Activity
Skip any pictures. Repeat the data exactly, from its first line through the line that holds "line (-0.36324, -30.23842)", both included.

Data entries

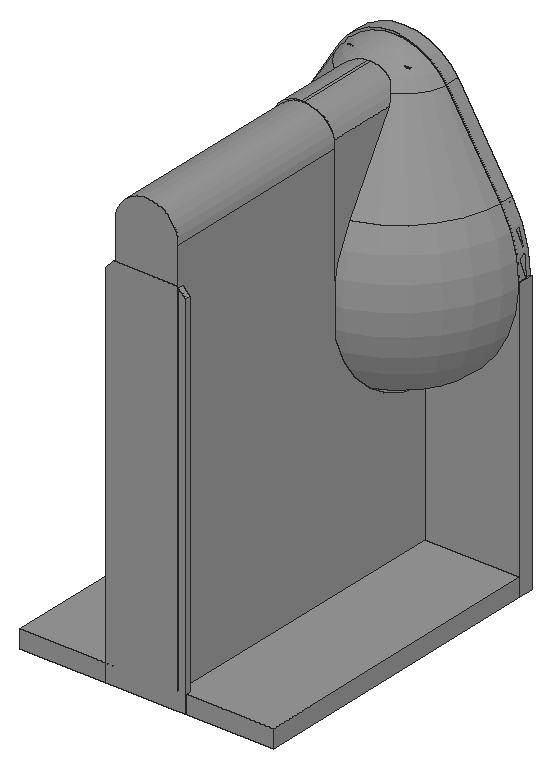
Revit family "Toilet-Willoughby-ASETWS-1490-FM-TS-HC", category Plumbing Fixtures, Revit 2015
Parameters (values of type "Standard")
  Waste DIA = 2 3/8"
  Waste Connection = yes
  W-RAD [instance] = Waste DIA / 2  # 0' - 1 3/16"
  Vent Connection = no
  URL = "https://www.willoughby-ind.com/wp-content/uploads/2018/01/ASETWS-1490-FM.pdf"
  Type Comments = ""
  Revision = "A"
  Model = "ASETWS-1490-FM-TS-HC"
  Manufacturer = "Willoughby Industries"
  HW Connection = no
  Flush inlet DIA = 1 1/2"
  Flush Inlet Connection = yes
  Fixture Body = Stainless Steel AISI 304-Willoughby
  F-RAD [instance] = Flush inlet DIA / 2  # 0' - 0 3/4"
  Description = "Ligature resistant, Wall Outlet, Floor Mounted, siphon jet Toilet, Top Spud, Handicap Seat Height"
  Default Elevation = 0' - 0"
  Contact Number = "(800) 428-4065"
  CW Connection = no
Reference planes (in)
  plane 1 "Base": y = -16.25
  plane 2: z = 0
  plane 3 "Center": x = 18.31072
  plane 4 "ref": y = -4.75
  plane 5: y = -1.25
  plane 6: z = -6.75
  plane 7: y = -2.125
  plane 8: y = -14.0625
  plane 9: x = 16.56072
  plane 10: x = 20.06072
  plane 11: x = 11.56072
  plane 12: x = 25.06072
  plane 13: z = -3
  plane 14: z = 25
  plane 15 "Waste HGT": y = -10.75
  plane 16: y = -3.125
  plane 17: y = -19.25
Forms (in)
  Extrusion 1, solid, material "Stainless Steel AISI 304-Willoughby" <- "Fixture Body"
    sketch origin (16.08109, 7.47968, -7.1422) x (-1, 0, 0) y (0, 0, -1)
      loop
        line (4.79775, -22.86304) -> (4.83287, -22.86304) -> (4.83287, -7.1422) -> (-2.22963, -7.1422) -> (-9.29213, -7.1422) -> (-9.29213, -22.86304) -> (-9.20225, -22.86304)
        arc (-9.20225, -22.86304) -> (-8.94967, -24.72647) -> (-8.21015, -26.45542) r 7
        line (-8.21015, -26.45542) -> (-5.16818, -31.31054)
        arc (-5.16818, -31.31054) -> (-2.20225, -32.95225) -> (0.76368, -31.31054) r 3.5
        line (0.76368, -31.31054) -> (3.80565, -26.45542)
        arc (3.80565, -26.45542) -> (4.54517, -24.72647) -> (4.79775, -22.86304) r 7
      loop
        arc (2.03989, -24.70557) -> (-2.20225, -18.23804) -> (-6.44438, -24.70557) r 4.625
        line (-6.44438, -24.70557) -> (-4.04125, -30.23842)
        arc (-4.04125, -30.23842) -> (-2.20225, -31.45225) -> (-0.36324, -30.23842) r 2
        line (-0.36324, -30.23842) -> (2.03989, -24.70557)
    from 8.72968 to 9.5
  Revolve 2, solid, material "Stainless Steel AISI 304-Willoughby" <- "Fixture Body"
    sketch origin (19.37246, -1.52032, -3.93826) x (-1, 0, 0) y (0, 0, -1)
      loop
        line (1.06174, -12.59906) -> (1.06174, -12.84906)
        arc (1.06174, -12.84906) -> (6.96784, -16.33096) -> (6.78077, -23.18447) r 6.75
        line (6.78077, -23.18447) -> (3.81535, -27.91457)
        arc (3.81535, -27.91457) -> (2.63527, -29.03194) -> (1.06174, -29.43826) r 3.25
        line (1.06174, -29.43826) -> (1.06174, -29.68826)
        arc (1.06174, -29.68826) -> (2.75672, -29.25045) -> (4.02767, -28.04656) r 3.5
        line (4.02767, -28.04656) -> (7.06964, -23.19143)
        arc (7.06964, -23.19143) -> (7.15052, -16.14555) -> (1.06174, -12.59906) r 7
      axis (1.06174, -12.59906) -> (1.06174, -29.68826)
    angle from 0 to -180
  Extrusion 3, solid, material "Stainless Steel AISI 304-Willoughby" <- "Fixture Body"
    sketch origin (19.53334, -3.02032, -4.9508) x (0, 1, 0) y (0, 0, 1)
      loop
        line (-5.27082, 4.9508) -> (1, 4.9508) -> (1, 13.76086)
        arc (1, 13.76086) -> (-2.93256, 15.26109) -> (-5.27082, 18.76086) r 6.92744
        line (-5.27082, 18.76086) -> (-5.27082, 4.9508)
    from 0.52738 to -2.97262
  Extrusion 4, solid, material "Stainless Steel AISI 304-Willoughby" <- "Fixture Body"
    sketch origin (0, 8.59309, -3) x (1, 0, 0) y (0, 1, 0)
      loop
        circle (18.31072, -19.34309) r 1.1875
    from 5.5 to 0
  Extrusion 5, solid, material "Stainless Steel AISI 304-Willoughby" <- "Fixture Body"
    sketch origin (0, -16.25, 0) x (1, 0, 0) y (0, 0, 1)
      loop
        line (25.37322, 0) -> (25.37322, 1) -> (11.24822, 1) -> (11.24822, 0) -> (25.37322, 0)
    from -14.22968 to 3
  Extrusion 6, solid, material "Stainless Steel AISI 304-Willoughby" <- "Fixture Body"
    sketch origin (0, -16.25, 0) x (1, 0, 0) y (0, 0, 1)
      loop
        line (20.06072, 0) -> (20.06072, 23.28412)
        arc (20.06072, 23.28412) -> (18.31072, 25.03412) -> (16.56072, 23.28412) r 1.75
        line (16.56072, 23.28412) -> (16.56072, 0) -> (20.06072, 0)
    from 3 to -7.95886
  Extrusion 7, solid, material "Stainless Steel AISI 304-Willoughby" <- "Fixture Body"
    sketch origin (-0.06578, -16.25, 7) x (1, 0, 0) y (0, 0, 1)
      loop
        line (20.06072, -7) -> (20.56072, -7) -> (20.56072, 13.75) -> (20.06072, 14.25) -> (16.56072, 14.25) -> (16.06072, 13.75) -> (16.06072, -7) -> (16.56072, -7) -> (20.06072, -7)
    from 3 to 2.73663
  Extrusion 8, solid, material "Stainless Steel AISI 304-Willoughby" <- "Fixture Body"
    sketch origin (18.31072, 0, 0) x (0, 1, 0) y (0, 0, 1)
      loop
        line (-3.0438, 25.03193) -> (-8.29114, 25.03193) -> (-8.29114, 16.73622)
        arc (-8.29114, 16.73622) -> (-8.25839, 17.11069) -> (-8.16113, 17.47379) r 2.15729
        arc (-8.16113, 17.47379) -> (-7.78826, 18.37428) -> (-7.33828, 19.23882) r 11.16687
        arc (-7.33828, 19.23882) -> (-5.85557, 21.70663) -> (-4.28753, 24.12112) r 82.3759
        arc (-4.28753, 24.12112) -> (-3.71235, 24.64027) -> (-3.0438, 25.03193) r 3.79911
    from 1.75 to -1.75
  Extrusion 9, void
    sketch origin (0, -16.25, 0) x (1, 0, 0) y (0, 0, 1)
      loop
        arc (16.43207, 23.28193) -> (16.94463, 24.51936) -> (18.18207, 25.03193) r 1.75
        line (18.18207, 25.03193) -> (16.43207, 25.03193) -> (16.43207, 23.28193)
    from -7.95886 to -13.18331
  Extrusion 10, void
    sketch origin (0, -16.25, 0) x (1, 0, 0) y (0, 0, 1)
      loop
        arc (18.34313, 25.03193) -> (19.49966, 24.59853) -> (20.12234, 23.53193) r 1.84176
        line (20.12234, 23.53193) -> (20.12234, 25.03193) -> (18.34313, 25.03193)
    from -7.95886 to -13.18919
  Revolve 11, solid
    sketch origin (18.31072, 0, 0) x (0, 1, 0) y (0, 0, 1)
      loop
        line (-1.25, 2.75) -> (-0.5, 2.75) -> (-0.5, 3.5) -> (-1.25, 3.5) -> (-1.25, 2.75)
      axis (-1.25, 2.75) -> (-0.5, 2.75)
    angle from 0 to 360
Cuts and joins
  joined: Extrusion 3, Extrusion 5, Extrusion 6
  Extrusion 9, Extrusion 10 cuts Extrusion 8
Lines and regions (in)
  symbolic lines
    curve 1: line (13.81072, -16.25, 0) -> (13.81072, -1.25, 0)
    curve 2: line (22.81072, -16.25, 0) -> (22.81072, -1.25, 0)
    curve 3: line (13.81072, -19.25, 0) -> (22.81072, -19.25, 0)
    curve 4: line (11.28334, -2.02032, 0) -> (11.28334, -1.25, 0)
    curve 5: line (11.28334, -1.25, 0) -> (25.28334, -1.25, 0)
    curve 6: line (25.28334, -1.25, 0) -> (25.28334, -2.02032, 0)
    curve 7: arc (25.28334, -2.02032, 0) -> (23.08185, -6.64916, 0) -> (18.31072, -8.52239, 0) r 6.97293
    curve 8: arc (18.31072, -8.52239, 0) -> (13.52793, -6.64299, 0) -> (11.28334, -2.02032, 0) r 7.06571
    curve 9: line (16.56072, -8.2982, 0) -> (16.56072, -19.25, 0)
    curve 10: line (20.06072, -19.25, 0) -> (20.06072, -8.30327, 0)
    curve 15: line (13.81072, -16.25, 0) -> (22.81072, -16.25, 0)
    curve 16: line (22.81072, -16.25, 0) -> (22.81072, -16.25, 1)
    curve 17: line (22.81072, -16.25, 1) -> (21.81072, -16.25, 1)
    curve 18: line (21.81072, -16.25, 0) -> (21.81072, -16.25, 9.67456)
    curve 19: line (14.78334, -16.25, 0) -> (14.78334, -16.25, 9.65867)
    curve 20: line (14.78334, -16.25, 1) -> (13.81072, -16.25, 1)
    curve 21: line (13.81072, -16.25, 1) -> (13.81072, -16.25, 0)
    curve 22: line (21.81072, -16.25, 5) -> (14.78334, -16.25, 5)
    curve 23: arc (21.81072, -16.25, 9.67456) -> (25.06245, -16.25, 13.97624) -> (24.29124, -16.25, 19.31322) r 7
    curve 24: line (24.29124, -16.25, 19.31322) -> (21.24927, -16.25, 24.16835)
    curve 25: arc (21.24927, -16.25, 24.16835) -> (19.98923, -16.25, 25.34792) -> (18.31072, -16.25, 25.75) r 3.37397
    curve 26: arc (18.31072, -16.25, 25.75) -> (16.62783, -16.25, 25.31163) -> (15.31741, -16.25, 24.16835) r 3.79331
    curve 27: line (15.31741, -16.25, 24.16835) -> (12.35249, -16.25, 19.43905)
    curve 28: arc (12.35249, -16.25, 19.43905) -> (11.49002, -16.25, 14.03241) -> (14.78334, -16.25, 9.65867) r 7
    curve 34: line (18.31072, -8.45513, 16.43593) -> (18.31072, -18.98663, 16.43593)
    curve 35: line (18.31072, -19.25, 16.5) -> (18.31072, -19.25, 0)
    curve 36: line (18.31072, -16.25, 0) -> (18.31072, 1.75, 0)
    curve 37: line (18.31072, -1.25, 5) -> (18.31072, -1.25, 25.81005)
    curve 38: line (18.31072, -1.25, 25.81005) -> (18.31072, -2.02032, 25.81005)
    curve 39: arc (18.31072, -2.02032, 25.81005) -> (18.31072, -3.17426, 25.3587) -> (18.31072, -4.14211, 24.58504) r 4.1253
    curve 40: line (18.31072, -4.14211, 24.58504) -> (18.31072, -7.52822, 19.25317)
    curve 41: arc (18.31072, -7.52822, 19.25317) -> (18.31072, -8.16721, 17.9023) -> (18.31072, -8.45513, 16.43593) r 6.04234
    curve 42: arc (18.31072, -8.45513, 16.43593) -> (18.31072, -8.2983, 15.12766) -> (18.31072, -8.29114, 13.81005) r 11.57712
    curve 43: arc (18.31072, -8.29114, 13.81005) -> (18.31072, -5.95289, 10.31029) -> (18.31072, -2.02032, 8.81005) r 6.92744
    curve 44: line (18.31072, -1.25, 9.65867) -> (18.31072, -2.02032, 9.65867)
    curve 45: line (18.31072, -2.02032, 9.65867) -> (18.31072, -2.02032, 1)
    curve 46: line (18.31072, -2.02032, 1) -> (18.31072, -19.25, 1)
  symbolic lines, detail levels medium+fine
    curve 11: line (20.06072, -19, 0) -> (20.56072, -19, 0)
    curve 12: line (20.56072, -19, 0) -> (20.56072, -19.25, 0)
    curve 13: line (16.49494, -18.98663, 0) -> (16.06072, -18.98663, 0)
    curve 14: line (16.06072, -18.98663, 0) -> (16.06072, -19.25, 0)
  symbolic lines, detail levels fine
    curve 29: arc (14.0412, -16.25, 17.56337) -> (18.28334, -16.25, 11.09585) -> (22.52547, -16.25, 17.56337) r 4.625
    curve 30: line (22.52547, -16.25, 17.56337) -> (20.12234, -16.25, 23.09622)
    curve 31: arc (20.12234, -16.25, 23.09622) -> (19.38317, -16.25, 23.97635) -> (18.28334, -16.25, 24.31005) r 2.01767
    curve 32: arc (18.28334, -16.25, 24.31005) -> (17.17969, -16.25, 23.98213) -> (16.44433, -16.25, 23.09622) r 1.9827
    curve 33: line (16.44433, -16.25, 23.09622) -> (14.0412, -16.25, 17.56337)
Dimensions and locks (in)
  locked: plane 1 "Base" to plane 5 at 15
  plane 14 to level = 2' - 1"
  plane 5 to plane 1 "Base" = 1' - 3"
  "W-RAD": radius of Extrusion 4 sketch curve
  aligned and locked: plane 3 "Center" to Extrusion 4 sketch curve
  aligned and locked: Extrusion 6 to plane 17
Automatic sketch dimensions
  curve 23 to curve 28 = 0' - 0"  (x2)
  curve 23 to curve 29 = 0' - 0"  (x2)
  curve 28 to curve 29 = 0' - 0"  (x2)
  curve 21 to level = 0' - 0"
  curve 25 to plane 3 "Center" = 0' - 0"
  curve 26 to plane 3 "Center" = 0' - 0"
  curve 29 to plane 3 "Center" = 0' - 0.02738"
  curve 32 to plane 3 "Center" = 0' - 0.03882"
  curve 31 to curve 32 = 0' - 0.0002"
  curve 33 to plane 9 = 0' - 0.11639"
  curve 27 to plane 9 = 0' - 1.24331"
  curve 19 to plane 9 = 0' - 1.77738"
  plane 11 to curve 33 = 0' - 2 123/256"
  curve 15 to curve 19 = 0' - 0.97262"
  plane 11 to curve 27 = 0' - 0.79177"
  plane 3 "Center" to curve 25 = 0' - 0.07942"
  plane 3 "Center" to curve 26 = 0' - 0.08929"
  plane 10 to curve 30 = 0' - 0.06162"
  curve 24 to plane 14 = 0' - 0.83165"
  plane 10 to curve 24 = 0' - 1.18855"
  plane 10 to curve 18 = 0' - 1 3/4"
  plane 10 to curve 30 = 0' - 2.46475"
  curve 17 to curve 16 = 0' - 1"
  curve 24 to plane 12 = 0' - 0.76948"
  curve 15 to curve 16 = 0' - 1"
  curve 15 to curve 21 = 0' - 1"
  curve 20 to curve 19 = 0' - 8.65867"
  curve 19 to curve 18 = 0' - 0.01589"
  curve 19 to curve 28 = 0' - 6.06218"
  curve 33 to curve 27 = 0' - 1.87568"
  curve 26 to plane 14 = 0' - 3.04226"
  curve 31 to curve 25 = 0' - 0.08455"
  curve 31 to curve 32 = 0' - 0.03496"
  curve 33 to curve 26 = 0' - 1.07212"
  curve 30 to curve 24 = 0' - 1.07212"
  curve 17 to curve 22 = 0' - 4"
  Revolve 2 sketch curve to Revolve 2 sketch curve = 0' - 0"  (x2)
  Revolve 2 sketch curve to plane 3 "Center" = 0' - 0"  (x3)
  plane 3 "Center" to Revolve 2 sketch curve = 0' - 0"
  Revolve 2 sketch curve to plane 9 = 0' - 1.00361"
  Revolve 2 sketch curve to plane 14 = 0' - 0.8917"
  Revolve 2 sketch curve to Revolve 2 sketch curve = 0' - 0.21232"
  plane 11 to Revolve 2 sketch curve = 0' - 1.03097"
  Revolve 2 sketch curve to Revolve 2 sketch curve = 0' - 0.28887"
  plane 14 to Revolve 2 sketch curve = 0' - 0 1/2"
  Revolve 2 sketch curve to Revolve 2 sketch curve = 0' - 0 1/4"
  Revolve 2 sketch curve to Revolve 2 sketch curve = 0' - 0.13199"
  Revolve 2 sketch curve to Revolve 2 sketch curve = 0' - 4.85513"
  Revolve 2 sketch curve to Revolve 2 sketch curve = 0' - 0.00696"
  Revolve 2 sketch curve to Revolve 2 sketch curve = 0' - 6.5892"
  Revolve 2 sketch curve to Revolve 2 sketch curve = 0' - 3 1/4"
  Revolve 2 sketch curve to Revolve 2 sketch curve = 0' - 2.4108"
  Extrusion 3 sketch curve to level = 0' - 0"
  plane 4 "ref" to Extrusion 3 sketch curve = 0' - 3.54114"
  plane 7 to Extrusion 3 sketch curve = 0' - 0.10468"
  plane 5 to Extrusion 3 sketch curve = 0' - 0.38413"
  Extrusion 3 sketch curve to Extrusion 3 sketch curve = 0' - 8.81005"
  Extrusion 3 sketch curve to Extrusion 3 sketch curve = 0' - 5"
  Extrusion 6 sketch curve to level = 0' - 0"
  Extrusion 6 sketch curve to plane 9 = 0' - 0"
  Extrusion 6 sketch curve to plane 3 "Center" = 0' - 0"
  Extrusion 6 sketch curve to plane 14 = 0' - 1.71588"
  Extrusion 7 sketch curve to level = 0' - 0"
  Extrusion 7 sketch curve to plane 9 = 0' - 0.56578"
  Extrusion 7 sketch curve to plane 9 = 0' - 0.06578"  (x2)
  Extrusion 7 sketch curve to plane 10 = 0' - 0.06578"  (x2)
  plane 10 to Extrusion 7 sketch curve = 0' - 0.43422"
  Extrusion 7 sketch curve to plane 14 = 0' - 4 1/4"  (x2)
  Extrusion 7 sketch curve to Extrusion 7 sketch curve = 0' - 0 1/2"
  plane 14 to Extrusion 8 sketch curve = 0' - 0.03193"
  plane 4 "ref" to Extrusion 8 sketch curve = 0' - 3.54114"
  plane 4 "ref" to Extrusion 8 sketch curve = 0' - 1.38385"
  Extrusion 8 sketch curve to plane 7 = 0' - 0.9188"
  plane 5 to Extrusion 8 sketch curve = 0' - 0.21771"
  Extrusion 8 sketch curve to plane 6 = 1' - 3.19552"
  Extrusion 8 sketch curve to plane 14 = 0' - 11.34412"
  Extrusion 8 sketch curve to plane 14 = 0' - 8.26378"
  Extrusion 8 sketch curve to plane 14 = 0' - 3.42484"
  Extrusion 8 sketch curve to Extrusion 8 sketch curve = 0' - 0"  (x2)
  plane 14 to Extrusion 9 sketch curve = 0' - 0.03193"
  Extrusion 9 sketch curve to plane 9 = 0' - 0.12865"
  Extrusion 9 sketch curve to plane 3 "Center" = 0' - 0.12865"
  plane 3 "Center" to Extrusion 10 sketch curve = 0' - 0.0018"
  plane 14 to Extrusion 10 sketch curve = 0' - 0.03193"
  plane 10 to Extrusion 10 sketch curve = 0' - 0.06162"
  plane 3 "Center" to Extrusion 10 sketch curve = 0' - 0.03241"
  Extrusion 10 sketch curve to plane 14 = 0' - 1.46807"
  Extrusion 4 sketch curve to plane 15 "Waste HGT" = 0' - 0"
  Extrusion 8 sketch curve to plane 5 = 0' - 3.58279"
  Extrusion 8 sketch curve to plane 5 = 5' - 5.25343"
  curve 35 to plane 17 = 0' - 0"
  curve 36 to level = 0' - 0"
  curve 36 to plane 1 "Base" = 0' - 0"
  curve 37 to plane 5 = 0' - 0"
  curve 35 to level = 0' - 0"
  curve 42 to plane 17 = 0' - 0.6029"
  plane 15 "Waste HGT" to curve 34 = 0' - 2.29487"
  plane 4 "ref" to curve 40 = 0' - 2.77822"
  curve 40 to plane 4 "ref" = 0' - 0.60789"
  curve 41 to plane 7 = 0' - 0.30255"
  plane 7 to curve 45 = 0' - 0.10468"
  plane 7 to curve 38 = 0' - 0.10468"
  plane 5 to curve 43 = 0' - 0.38413"
  curve 39 to plane 5 = 0' - 0.13839"
  level to curve 45 = 0' - 1"
  curve 45 to curve 44 = 0' - 8.65867"
  curve 42 to plane 14 = 0' - 10.59394"
  curve 44 to curve 43 = 0' - 6.06805"
  curve 43 to curve 41 = 0' - 0.28717"
  curve 41 to curve 34 = 0' - 0.42205"
  curve 39 to plane 14 = 0' - 3.21392"
  curve 40 to plane 14 = 0' - 0.41496"
  plane 17 to curve 34 = 0' - 0.26337"
  plane 15 "Waste HGT" to curve 42 = 0' - 2.45886"
  curve 36 to plane 5 = 0' - 3"
  curve 37 to curve 43 = 0' - 3.81005"
  curve 34 to curve 35 = 0' - 0.06407"
  plane 5 to curve 4 = 0' - 0"
  curve 3 to plane 17 = 0' - 0"
  plane 1 "Base" to curve 1 = 0' - 0"
  curve 9 to plane 9 = 0' - 0"
  curve 7 to plane 3 "Center" = 0' - 0"
  curve 8 to plane 3 "Center" = 0' - 0"
  curve 11 to plane 10 = 0' - 0"
  plane 1 "Base" to curve 2 = 0' - 0"
  curve 13 to plane 9 = 0' - 0 1/2"
  curve 5 to plane 11 = 0' - 0.27738"
  plane 3 "Center" to curve 7 = 0' - 0 1/64"
  plane 3 "Center" to curve 8 = 0' - 0.01581"
  plane 10 to curve 12 = 0' - 0 1/2"
  curve 8 to curve 5 = 0' - 6.9568"
  curve 12 to curve 11 = 0' - 0 1/4"
  plane 17 to curve 14 = 0' - 0.26337"
  plane 7 to curve 4 = 0' - 0.10468"
  plane 7 to curve 6 = 0' - 0.10468"
  curve 13 to plane 9 = 0' - 0.06578"
  plane 11 to curve 1 = 0' - 2 1/4"
  curve 3 to curve 14 = 0' - 2 1/4"
  curve 2 to plane 12 = 0' - 2 1/4"
  curve 3 to plane 12 = 0' - 2 1/4"
  Revolve 11 sketch curve to plane 5 = 0' - 0"  (x2)
  Revolve 11 sketch curve to Revolve 11 sketch curve = 0' - 0 3/4"  (x3)
  level to Revolve 11 sketch curve = 0' - 2 3/4"
  Revolve 11 sketch curve to Revolve 11 sketch curve = 0' - 0"
  Extrusion 1 sketch curve to Extrusion 1 sketch curve = 0' - 0"  (x6)
  Extrusion 1 sketch curve to level = 0' - 0"
  Extrusion 1 sketch curve to plane 3 "Center" = 0' - 0"
  plane 10 to Extrusion 1 sketch curve = 0' - 0.06162"
  plane 10 to Extrusion 1 sketch curve = 0' - 1.18855"
  plane 10 to Extrusion 1 sketch curve = 0' - 2.46475"
  Extrusion 1 sketch curve to plane 12 = 0' - 0.76948"
  plane 12 to Extrusion 1 sketch curve = 0' - 0.22262"
  plane 12 to Extrusion 1 sketch curve = 0' - 0 5/16"
  Extrusion 1 sketch curve to plane 3 "Center" = 0' - 0.02738"  (x2)
  Extrusion 1 sketch curve to plane 9 = 0' - 0.11639"
  Extrusion 1 sketch curve to plane 14 = 0' - 0.83165"
  Extrusion 1 sketch curve to plane 9 = 0' - 1.24331"
  plane 11 to Extrusion 1 sketch curve = 0' - 0.71472"
  Extrusion 1 sketch curve to plane 11 = 0' - 0 5/16"
  Extrusion 1 sketch curve to Extrusion 1 sketch curve = 0' - 1.07212"
  Extrusion 1 sketch curve to Extrusion 1 sketch curve = 0' - 0.78617"
  Extrusion 1 sketch curve to Extrusion 1 sketch curve = 0' - 3.783"
  Extrusion 1 sketch curve to Extrusion 1 sketch curve = 0' - 1.74985"
  Extrusion 1 sketch curve to Extrusion 1 sketch curve = 0' - 1.84253"
  Extrusion 1 sketch curve to Extrusion 1 sketch curve = 0' - 0.03512"
  Extrusion 5 sketch curve to level = 0' - 0"
  Extrusion 5 sketch curve to plane 11 = 0' - 0 5/16"
  plane 12 to Extrusion 5 sketch curve = 0' - 0 5/16"
  level to Extrusion 5 sketch curve = 0' - 1"
Connectors (in)
  piping at (18.31072, -10.75, -3), diameter 2.375, driven by "W-RAD", driven by "Waste Connection"
    settings: on Extrusion 4, index 1, connector inside diameter 2 1/2", connector length 0' - 0", flow factor 0, pipe flow 0 GPM, pressure drop 0.00 psi, fitting loss kfactor 0, connector angle 0.00°, fixture units 0, engagement length 0' - 0", angle of deflection 0.00°, flow configuration 0, flow direction 2, fitting loss method 0, system type 16, joint type 0, gender type 0, connector reference index -1, connector utility 1, adjustable connector yes, is connector primary yes, connector description "Toilet Waste"

Result
Revit family "Toilet-Willoughby-ASETWS-1490-FM-TS-HC", category Plumbing Fixtures, Revit 2015
Parameters (values of type "Standard")
  Waste DIA = 2 3/8"
  Waste Connection = yes
  W-RAD [instance] = Waste DIA / 2  # 0' - 1 3/16"
  Vent Connection = no
  URL = "https://www.willoughby-ind.com/wp-content/uploads/2018/01/ASETWS-1490-FM.pdf"
  Type Comments = ""
  Revision = "A"
  Model = "ASETWS-1490-FM-TS-HC"
  Manufacturer = "Willoughby Industries"
  HW Connection = no
  Flush inlet DIA = 1 1/2"
  Flush Inlet Connection = yes
  Fixture Body = Stainless Steel AISI 304-Willoughby
  F-RAD [instance] = Flush inlet DIA / 2  # 0' - 0 3/4"
  Description = "Ligature resistant, Wall Outlet, Floor Mounted, siphon jet Toilet, Top Spud, Handicap Seat Height"
  Default Elevation = 0' - 0"
  Contact Number = "(800) 428-4065"
  CW Connection = no
Reference planes (in)
  plane 1 "Base": y = -16.25
  plane 2: z = 0
  plane 3 "Center": x = 18.31072
  plane 4 "ref": y = -4.75
  plane 5: y = -1.25
  plane 6: z = -6.75
  plane 7: y = -2.125
  plane 8: y = -14.0625
  plane 9: x = 16.56072
  plane 10: x = 20.06072
  plane 11: x = 11.56072
  plane 12: x = 25.06072
  plane 13: z = -3
  plane 14: z = 25
  plane 15 "Waste HGT": y = -10.75
  plane 16: y = -3.125
  plane 17: y = -19.25
Forms (in)
  Extrusion 1, solid, material "Stainless Steel AISI 304-Willoughby" <- "Fixture Body"
    sketch origin (16.08109, 7.47968, -7.1422) x (-1, 0, 0) y (0, 0, -1)
      loop
        line (4.79775, -22.86304) -> (4.83287, -22.86304) -> (4.83287, -7.1422) -> (-2.22963, -7.1422) -> (-9.29213, -7.1422) -> (-9.29213, -22.86304) -> (-9.20225, -22.86304)
        arc (-9.20225, -22.86304) -> (-8.94967, -24.72647) -> (-8.21015, -26.45542) r 7
        line (-8.21015, -26.45542) -> (-5.16818, -31.31054)
        arc (-5.16818, -31.31054) -> (-2.20225, -32.95225) -> (0.76368, -31.31054) r 3.5
        line (0.76368, -31.31054) -> (3.80565, -26.45542)
        arc (3.80565, -26.45542) -> (4.54517, -24.72647) -> (4.79775, -22.86304) r 7
      loop
        arc (2.03989, -24.70557) -> (-2.20225, -18.23804) -> (-6.44438, -24.70557) r 4.625
        line (-6.44438, -24.70557) -> (-4.04125, -30.23842)
        arc (-4.04125, -30.23842) -> (-2.20225, -31.45225) -> (-0.36324, -30.23842) r 2
        line (-0.36324, -30.23842) -> (2.03989, -24.70557)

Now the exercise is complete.